DATA SECTION —

◆ ◆ ◆ ◆

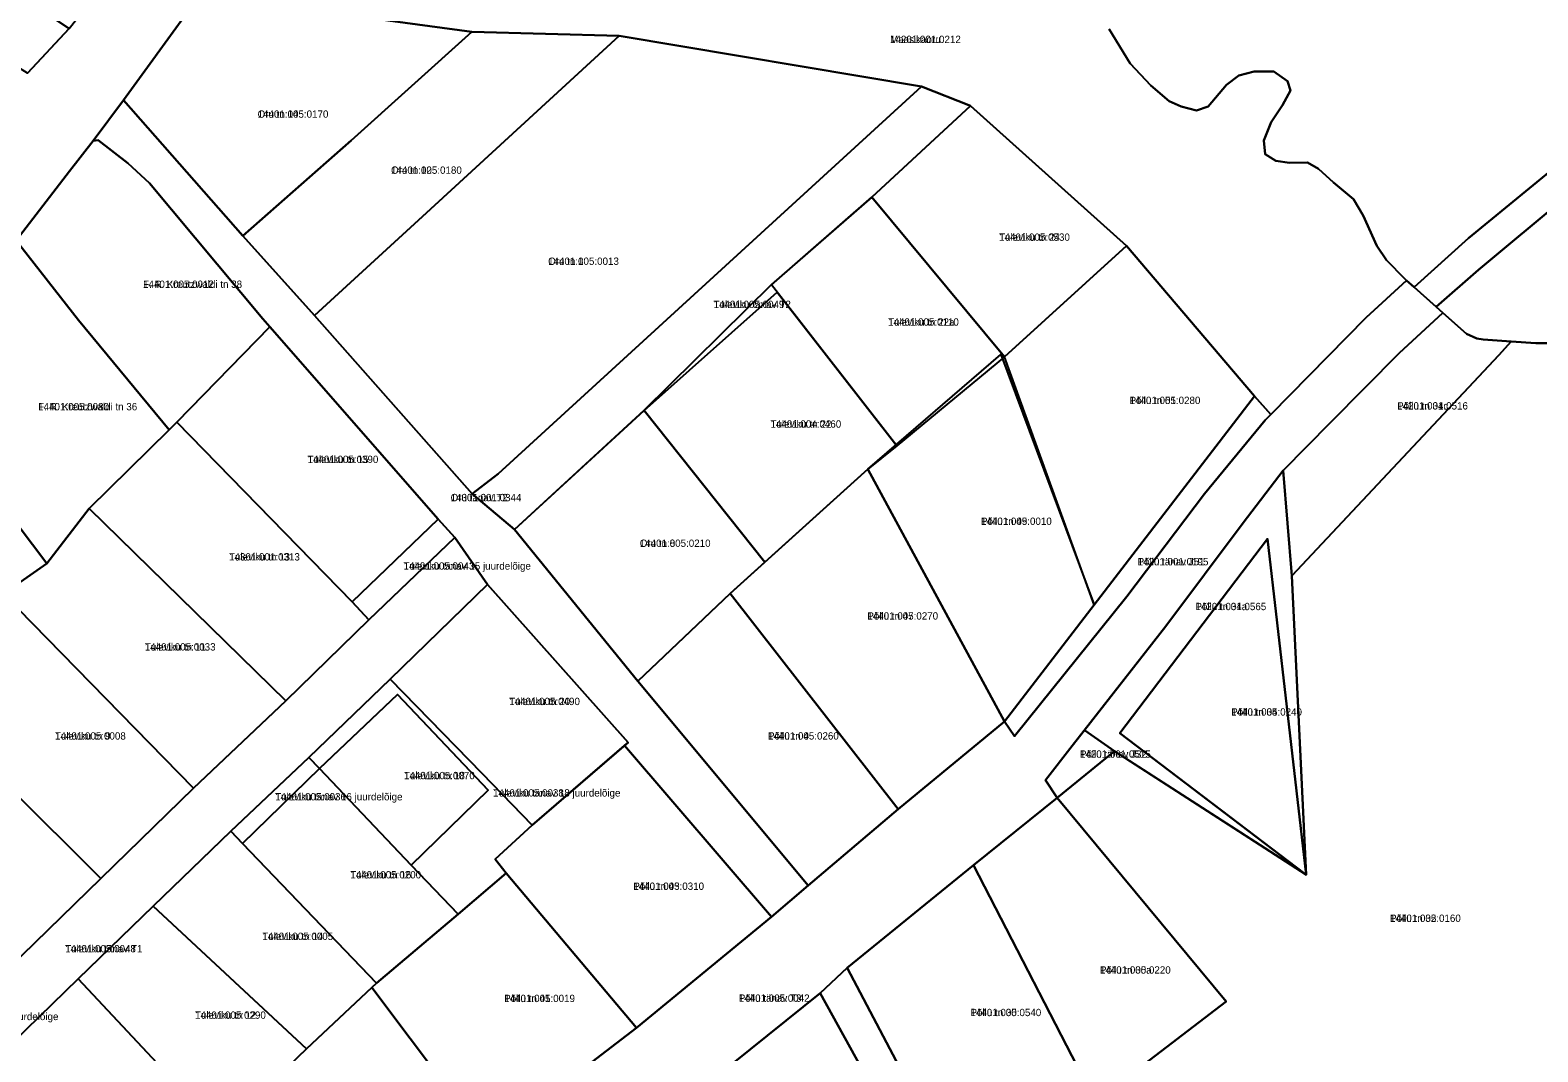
# Model space of a CAD drawing. Extents: x 640657 to 665127, y 6395726 to 6426831.
# Drawn here: x 650809.6 to 651118.5, y 6412851.6 to 6413060.8 of the extents above; entities that cross this region are included whole.
import ezdxf

# ---------------------------------------------------------------- set-up
doc = ezdxf.new("R2010")
doc.units = 0
for name, color, linetype in [('L_AADRESS', 7, 'Continuous'), ('PIIR', 7, 'Continuous'), ('TUNNUS', 7, 'Continuous')]:
    doc.layers.add(name, color=color, linetype=linetype)

msp = doc.modelspace()

# ---------------------------------------------------------------- linework, layer by layer
at = {"layer": 'PIIR'}
for points in [[(650639.81, 6413174.35), (650661.38, 6413159.66), (650687.87, 6413141.56), (650726.69, 6413115.56), (650728.32, 6413120.2), (650817.6, 6413061.15), (650809.09, 6413051.96), (650774.49, 6413073.67), (650757.49, 6413085.02), (650736.91, 6413098.43), (650728.56, 6413104.06), (650707.39, 6413117.67), (650694.6, 6413126.1), (650690.86, 6413128.47), (650674.2, 6413139.68), (650668.91, 6413143.29), (650635.45, 6413166.68)], [(650828.73, 6413046.43), (650842.18, 6413064.93), (650852, 6413067.01), (650900.11, 6413060.4), (650875.35, 6413038.19), (650853.19, 6413018.67)], [(650889.96, 6413022.62), (650867.85, 6413002.33), (650853.19, 6413018.67), (650875.35, 6413038.19), (650900.11, 6413060.4), (650930.28, 6413059.63)], [(650930.28, 6413059.63), (650992.19, 6413049.22), (650905.51, 6412969.94), (650900.17, 6412965.79), (650867.85, 6413002.33), (650889.96, 6413022.62)], [(650900.17, 6412965.79), (650905.51, 6412969.94), (650992.19, 6413049.22), (651002.25, 6413045.27), (650982.01, 6413026.6), (650961.49, 6413008.66), (650935.36, 6412982.86), (650908.86, 6412958.51)], [(650822.51, 6413038.14), (650828.73, 6413046.43), (650853.19, 6413018.67), (650867.85, 6413002.33), (650900.17, 6412965.79), (650908.86, 6412958.51), (650934.1, 6412927.48), (650968.99, 6412885.61), (650961.49, 6412879.2), (650931.36, 6412914.3), (650932.1, 6412914.93), (650903.31, 6412947.28), (650896.59, 6412956.91), (650893.22, 6412960.61), (650858.72, 6412999.99), (650857.25, 6413001.69), (650834.03, 6413029.42), (650829.61, 6413033.56), (650823.57, 6413038.25)], [(650982.01, 6413026.6), (651002.25, 6413045.27), (651034.21, 6413016.63), (651009.24, 6412993.91)], [(650806.76, 6413017.69), (650817.7, 6413031.91), (650822.51, 6413038.14), (650823.57, 6413038.25), (650829.61, 6413033.56), (650834.03, 6413029.42), (650857.25, 6413001.69), (650858.72, 6412999.99), (650839.66, 6412980.52), (650838.08, 6412978.9), (650819.54, 6413001.38)], [(650987.17, 6412975.63), (650961.49, 6413008.65), (650982.01, 6413026.6), (651009.24, 6412993.91)], [(650806.76, 6413017.69), (650819.54, 6413001.38), (650838.08, 6412978.9), (650821.71, 6412962.79), (650813.02, 6412951.56), (650784.43, 6412989.36)], [(651009.24, 6412993.91), (651034.21, 6413016.63), (651060.45, 6412985.8), (651027.56, 6412943.08)], [(650960.14, 6412951.85), (650935.37, 6412982.87), (650962.68, 6413007.13), (650987.17, 6412975.63), (650981.24, 6412970.86)], [(651099, 6413002.9), (651103.86, 6412998.61), (651105.99, 6412997.64), (651107.31, 6412997.44), (651113.02, 6412997.03), (651110.49, 6412994.23), (651068.11, 6412949.05), (651066.3, 6412970.6), (651076, 6412980.4), (651090.1, 6412994.6)], [(650875.6, 6412943.69), (650839.66, 6412980.52), (650858.72, 6412999.99), (650893.22, 6412960.61)], [(651027.56, 6412943.08), (651009.2, 6412919.23), (650981.24, 6412970.86), (651008.5, 6412994.35)], [(650760.68, 6412958.63), (650784.43, 6412989.36), (650813.02, 6412951.56), (650804.18, 6412945.36), (650788.46, 6412927.08)], [(651009.2, 6412919.23), (651027.56, 6412943.08), (651060.45, 6412985.8), (651063.77, 6412982.09), (651062.6, 6412980.9), (651050.2, 6412965.8), (651034.3, 6412944.8), (651011.3, 6412916.2)], [(650934.1, 6412927.48), (650908.86, 6412958.51), (650935.37, 6412982.87), (650960.14, 6412951.85), (650953.05, 6412945.43)], [(650862, 6412923.4), (650821.71, 6412962.79), (650838.08, 6412978.9), (650839.66, 6412980.52), (650875.6, 6412943.69), (650879, 6412940)], [(650981.24, 6412970.86), (651009.2, 6412919.23), (650987.44, 6412901.27), (650953.05, 6412945.43)], [(651071.04, 6412887.8), (651063.12, 6412956.6), (651032.82, 6412916.84), (651070.71, 6412888.05), (651031.76, 6412913.14), (651025.64, 6412917.44), (651042.3, 6412938.7), (651058.1, 6412959.9), (651066.3, 6412970.6), (651068.11, 6412949.05)], [(650843.09, 6412905.57), (650804.18, 6412945.36), (650813.02, 6412951.56), (650821.71, 6412962.79), (650862, 6412923.4)], [(650875.6, 6412943.69), (650893.22, 6412960.61), (650896.59, 6412956.91), (650879, 6412940)], [(650727.79, 6412797.05), (650764.12, 6412829.22), (650781.76, 6412846.39), (650802.47, 6412866.04), (650824.08, 6412887.05), (650843.09, 6412905.57), (650862, 6412923.4), (650879, 6412940), (650896.59, 6412956.91), (650903.31, 6412947.28), (650883.38, 6412927.9), (650866.67, 6412911.86), (650850.73, 6412896.72), (650834.83, 6412881.39), (650819.43, 6412866.53), (650803.47, 6412850.91), (650787.59, 6412835.68), (650771.66, 6412820.55), (650754.96, 6412806.32), (650734.58, 6412786.93)], [(651032.82, 6412916.84), (651063.12, 6412956.6), (651071.04, 6412887.8)], [(650786.31, 6412924.61), (650788.46, 6412927.08), (650804.18, 6412945.36), (650843.09, 6412905.57), (650824.08, 6412887.05)], [(650903.31, 6412947.28), (650932.1, 6412914.93), (650912.45, 6412897.98), (650902.19, 6412908.54), (650883.38, 6412927.9)], [(650934.1, 6412927.48), (650953.05, 6412945.43), (650987.44, 6412901.27), (650968.99, 6412885.61)], [(650866.67, 6412911.86), (650883.38, 6412927.9), (650902.19, 6412908.54), (650912.45, 6412897.98), (650904.84, 6412891.04), (650907.12, 6412888.13), (650897.27, 6412879.76), (650887.68, 6412889.81), (650903.47, 6412905.15), (650884.89, 6412924.75), (650868.91, 6412909.55)], [(650759.7, 6412894.12), (650786.31, 6412924.61), (650824.08, 6412887.05), (650802.47, 6412866.04), (650783.09, 6412886.6), (650780.41, 6412884.25), (650772.63, 6412877.46)], [(650868.91, 6412909.55), (650884.89, 6412924.75), (650903.47, 6412905.15), (650887.68, 6412889.81)], [(651017.6, 6412907.2), (651023.1, 6412914.2), (651025.64, 6412917.44), (651031.76, 6412913.14), (651020.04, 6412903.56)], [(650904.84, 6412891.04), (650912.45, 6412897.98), (650931.36, 6412914.3), (650961.49, 6412879.2), (650933.81, 6412856.48), (650907.12, 6412888.13)], [(650850.73, 6412896.72), (650866.67, 6412911.86), (650868.91, 6412909.55), (650853.13, 6412894.23)], [(650868.91, 6412909.55), (650887.68, 6412889.81), (650897.27, 6412879.76), (650880.55, 6412865.6), (650853.13, 6412894.23)], [(651020.04, 6412903.56), (651054.65, 6412861.84), (651027.83, 6412841.38), (651027.51, 6412842), (651002.89, 6412889.77)], [(650834.83, 6412881.39), (650850.73, 6412896.72), (650853.13, 6412894.23), (650880.55, 6412865.6), (650879.63, 6412864.72), (650866.25, 6412852.19)], [(650977, 6412868.75), (651002.89, 6412889.77), (651027.51, 6412842), (650999.1, 6412826.78)], [(650903.37, 6412833.12), (650879.63, 6412864.72), (650880.55, 6412865.6), (650897.27, 6412879.76), (650907.12, 6412888.13), (650933.81, 6412856.48)], [(650848.73, 6412835.25), (650819.43, 6412866.53), (650834.83, 6412881.39), (650866.25, 6412852.19), (650851.7, 6412838.15)], [(650971.47, 6412863.56), (650977, 6412868.75), (650999.1, 6412826.78), (651019.7, 6412787.3), (651032.19, 6412764.47), (651050.32, 6412732.33), (651067.41, 6412700.48), (651056.04, 6412699.1), (651029.47, 6412750.52), (651012.39, 6412782.96), (651008.19, 6412791.21), (650992.2, 6412821.17), (650988.87, 6412827.17), (650990.98, 6412828.18)], [(650803.47, 6412850.91), (650819.43, 6412866.53), (650848.73, 6412835.25), (650831.89, 6412821.36)], [(650873.56, 6412808.84), (650851.7, 6412838.15), (650866.25, 6412852.19), (650879.63, 6412864.72), (650903.37, 6412833.12)], [(650971.47, 6412863.56), (650990.98, 6412828.18), (650988.87, 6412827.17), (650992.2, 6412821.17), (650954.39, 6412801.05), (650935.96, 6412835.02)]]:
    msp.add_lwpolyline(points, close=True, dxfattribs=at)
for points in [[(650809.09, 6413051.96), (650817.6, 6413061.15), (650824.33, 6413069.75), (650879.77, 6413140.76), (650884.47, 6413146.87), (650897.48, 6413138.36), (650900.25, 6413136.22), (650842.18, 6413064.93), (650828.73, 6413046.43), (650822.51, 6413038.14), (650817.7, 6413031.91), (650806.76, 6413017.69)], [(651030.69, 6413060.95), (651034.94, 6413053.96), (651039.23, 6413049.46), (651042.97, 6413046.24), (651045.44, 6413045.13), (651048.54, 6413044.3), (651050.93, 6413045.11), (651054.69, 6413049.58), (651057.26, 6413051.5), (651060.38, 6413052.31), (651064.41, 6413052.29), (651067.23, 6413050.36), (651067.78, 6413048.44), (651066.2, 6413045.41), (651063.82, 6413041.95), (651062.34, 6413038.21), (651062.6, 6413035.37), (651064.8, 6413033.99), (651067.63, 6413033.61), (651071.29, 6413033.69), (651073.58, 6413032.4), (651076.59, 6413029.55), (651080.69, 6413026.15), (651082.69, 6413022.85), (651085.51, 6413016.62), (651087.51, 6413013.68), (651091.21, 6413009.87), (651091.6, 6413009.5), (651083.3, 6413001.9), (651063.77, 6412982.09), (651060.45, 6412985.8), (651034.21, 6413016.63), (651002.25, 6413045.27), (650992.19, 6413049.22), (650930.28, 6413059.63), (650900.11, 6413060.4), (650852, 6413067.01)], [(651120.93, 6413031.84), (651104.31, 6413018.18), (651093.14, 6413008.14), (651091.6, 6413009.5), (651091.21, 6413009.87), (651087.51, 6413013.68), (651085.51, 6413016.62), (651082.69, 6413022.85), (651080.69, 6413026.15), (651076.59, 6413029.55), (651073.58, 6413032.4), (651071.29, 6413033.69), (651067.63, 6413033.61), (651064.8, 6413033.99), (651062.6, 6413035.37), (651062.34, 6413038.21), (651063.82, 6413041.95), (651066.2, 6413045.41), (651067.78, 6413048.44), (651067.23, 6413050.36), (651064.41, 6413052.29), (651060.38, 6413052.31), (651057.26, 6413051.5), (651054.69, 6413049.58), (651050.93, 6413045.11), (651048.54, 6413044.3), (651045.44, 6413045.13), (651042.97, 6413046.24), (651039.23, 6413049.46), (651034.94, 6413053.96), (651030.69, 6413060.95)], [(651124.3, 6413026.65), (651106.32, 6413011.7), (651097.65, 6413004.1), (651093.14, 6413008.14), (651104.31, 6413018.18), (651120.93, 6413031.84)], [(651121.96, 6412996.66), (651118.1, 6412996.68), (651113.02, 6412997.03), (651107.31, 6412997.44), (651105.99, 6412997.64), (651103.86, 6412998.61), (651099, 6413002.9), (651097.65, 6413004.1), (651106.32, 6413011.7), (651124.3, 6413026.65)], [(650903.37, 6412833.12), (650933.81, 6412856.48), (650961.49, 6412879.2), (650968.99, 6412885.61), (650987.44, 6412901.27), (651009.2, 6412919.23), (651011.3, 6412916.2), (651034.3, 6412944.8), (651050.2, 6412965.8), (651062.6, 6412980.9), (651063.77, 6412982.09), (651083.3, 6413001.9), (651091.6, 6413009.5), (651093.14, 6413008.14), (651097.65, 6413004.1), (651099, 6413002.9), (651090.1, 6412994.6), (651076, 6412980.4), (651066.3, 6412970.6), (651058.1, 6412959.9), (651042.3, 6412938.7), (651023.1, 6412914.2), (651017.6, 6412907.2), (651020.04, 6412903.56), (651002.89, 6412889.77), (650977, 6412868.75), (650971.47, 6412863.56), (650935.96, 6412835.02)], [(651125.47, 6412804.8), (651098.44, 6412791.06), (651063.81, 6412773.45), (651062.46, 6412776.05), (651059.6, 6412781.58), (651054.92, 6412790.21), (651047.54, 6412803.77), (651027.83, 6412841.38), (651054.65, 6412861.84), (651020.04, 6412903.56), (651031.76, 6412913.14), (651071.04, 6412887.8), (651068.11, 6412949.05), (651110.49, 6412994.23), (651113.02, 6412997.03), (651118.1, 6412996.68), (651121.96, 6412996.66)]]:
    msp.add_lwpolyline(points, dxfattribs=at)

# ---------------------------------------------------------------- texts
at = {"layer": 'L_AADRESS'}
for s, p in [('Maasikaoru', (650985.77, 6413058.14)), ('Oru tn 14', (650856.21, 6413042.84)), ('Oru tn 12', (650883.54, 6413031.36)), ('Tuleviku tn 24', (651008.11, 6413017.64)), ('Oru tn 10', (650915.72, 6413012.71)), ('F. R. Kreutzwaldi tn 38', (650832.74, 6413008)), ('Tuleviku tänav T2', (650949.62, 6413003.87)), ('Tuleviku tn 22a', (650985.37, 6413000.26)), ('Põllu tn 51', (651034.85, 6412984.21)), ('F. R. Kreutzwaldi tn 36', (650811.25, 6412982.92)), ('Põllu tn 34c', (651089.66, 6412983.09)), ('Tuleviku tn 22', (650961.27, 6412979.37)), ('Tuleviku tn 15', (650866.44, 6412972.13)), ('Oru tänav T2', (650895.75, 6412964.31)), ('Põllu tn 49', (651004.4, 6412959.46)), ('Oru tn 8', (650934.5, 6412954.96)), ('Tuleviku tn 13', (650850.36, 6412952.17)), ('Tuleviku tänav 15 juurdelõige', (650886.1, 6412950.3)), ('Põllu tänav J51', (651036.49, 6412951.18)), ('Põllu tn 34a', (651048.34, 6412942)), ('Põllu tn 47', (650981.12, 6412940.07)), ('Tuleviku tn 11', (650833.09, 6412933.73)), ('Tuleviku tn 20', (650907.74, 6412922.56)), ('Põllu tn 34', (651055.66, 6412920.41)), ('Tuleviku tn 9', (650814.7, 6412915.49)), ('Põllu tn 45', (650960.77, 6412915.5)), ('Põllu tänav J32', (651024.68, 6412911.78)), ('Tuleviku tn 18', (650886.19, 6412907.38)), ('Tuleviku tänav 18 juurdelõige', (650904.44, 6412903.83)), ('Tuleviku tänav 16 juurdelõige', (650859.8, 6412903.04)), ('Tuleviku tn 16', (650875.2, 6412887.06)), ('Põllu tn 43', (650933.17, 6412884.72)), ('Põllu tn 32', (651088.2, 6412878.16)), ('Tuleviku tn 14', (650857.18, 6412874.46)), ('Tuleviku tänav T1', (650816.77, 6412871.92)), ('Põllu tn 30a', (651028.77, 6412867.57)), ('Põllu tn 41', (650906.72, 6412861.74)), ('Põllu tänav T3', (650954.79, 6412861.8)), ('Tuleviku tänav 5 juurdelõige', (650790.43, 6412858.04)), ('Tuleviku tn 12', (650843.39, 6412858.32)), ('Põllu tn 30', (651002.25, 6412858.86))]:
    msp.add_text(s, height=1.5, dxfattribs=at).set_placement(p)
at = {"layer": 'TUNNUS'}
for s, p in [('14201:001:0212', (650985.77, 6413058.14)), ('14401:005:0170', (650856.21, 6413042.84)), ('14401:005:0180', (650883.54, 6413031.36)), ('14401:005:0530', (651008.11, 6413017.64)), ('14401:005:0013', (650915.72, 6413012.71)), ('14401:005:0012', (650832.74, 6413008)), ('14401:005:0049', (650949.62, 6413003.87)), ('14401:005:0110', (650985.37, 6413000.26)), ('14401:005:0280', (651034.85, 6412984.21)), ('14401:005:0080', (650811.25, 6412982.92)), ('14201:001:0516', (651089.66, 6412983.09)), ('14401:004:0460', (650961.27, 6412979.37)), ('14401:005:0390', (650866.44, 6412972.13)), ('14301:001:0344', (650895.75, 6412964.31)), ('14401:005:0010', (651004.4, 6412959.46)), ('14401:005:0210', (650934.5, 6412954.96)), ('14301:001:0313', (650850.36, 6412952.17)), ('14401:005:0043', (650886.1, 6412950.3)), ('14201:001:0195', (651036.49, 6412951.18)), ('14201:001:0565', (651048.34, 6412942)), ('14401:005:0270', (650981.12, 6412940.07)), ('14401:005:0033', (650833.09, 6412933.73)), ('14401:005:0490', (650907.74, 6412922.56)), ('14401:005:0240', (651055.66, 6412920.41)), ('14401:005:0008', (650814.7, 6412915.49)), ('14401:005:0260', (650960.77, 6412915.5)), ('14201:001:0515', (651024.68, 6412911.78)), ('14401:005:0070', (650886.19, 6412907.38)), ('14401:005:0038', (650904.44, 6412903.83)), ('14401:005:0036', (650859.8, 6412903.04)), ('14401:005:0200', (650875.2, 6412887.06)), ('14401:005:0310', (650933.17, 6412884.72)), ('14401:005:0160', (651088.2, 6412878.16)), ('14401:005:0005', (650857.18, 6412874.46)), ('14401:005:0048', (650816.77, 6412871.92)), ('14401:005:0220', (651028.77, 6412867.57)), ('14401:005:0019', (650906.72, 6412861.74)), ('14401:005:0042', (650954.79, 6412861.8)), ('14401:005:0290', (650843.39, 6412858.32)), ('14401:005:0540', (651002.25, 6412858.86))]:
    msp.add_text(s, height=1.5, dxfattribs=at).set_placement(p)

doc.saveas('drawing.dxf')

◆ ◆ ◆ ◆

WHAT YOU SHOULD DO —
Go through the data and return each line where the word "linetype" appears.

EXPECTED ANSWER —
for name, color, linetype in [('L_AADRESS', 7, 'Continuous'), ('PIIR', 7, 'Continuous'), ('TUNNUS', 7, 'Continuous')]:
    doc.layers.add(name, color=color, linetype=linetype)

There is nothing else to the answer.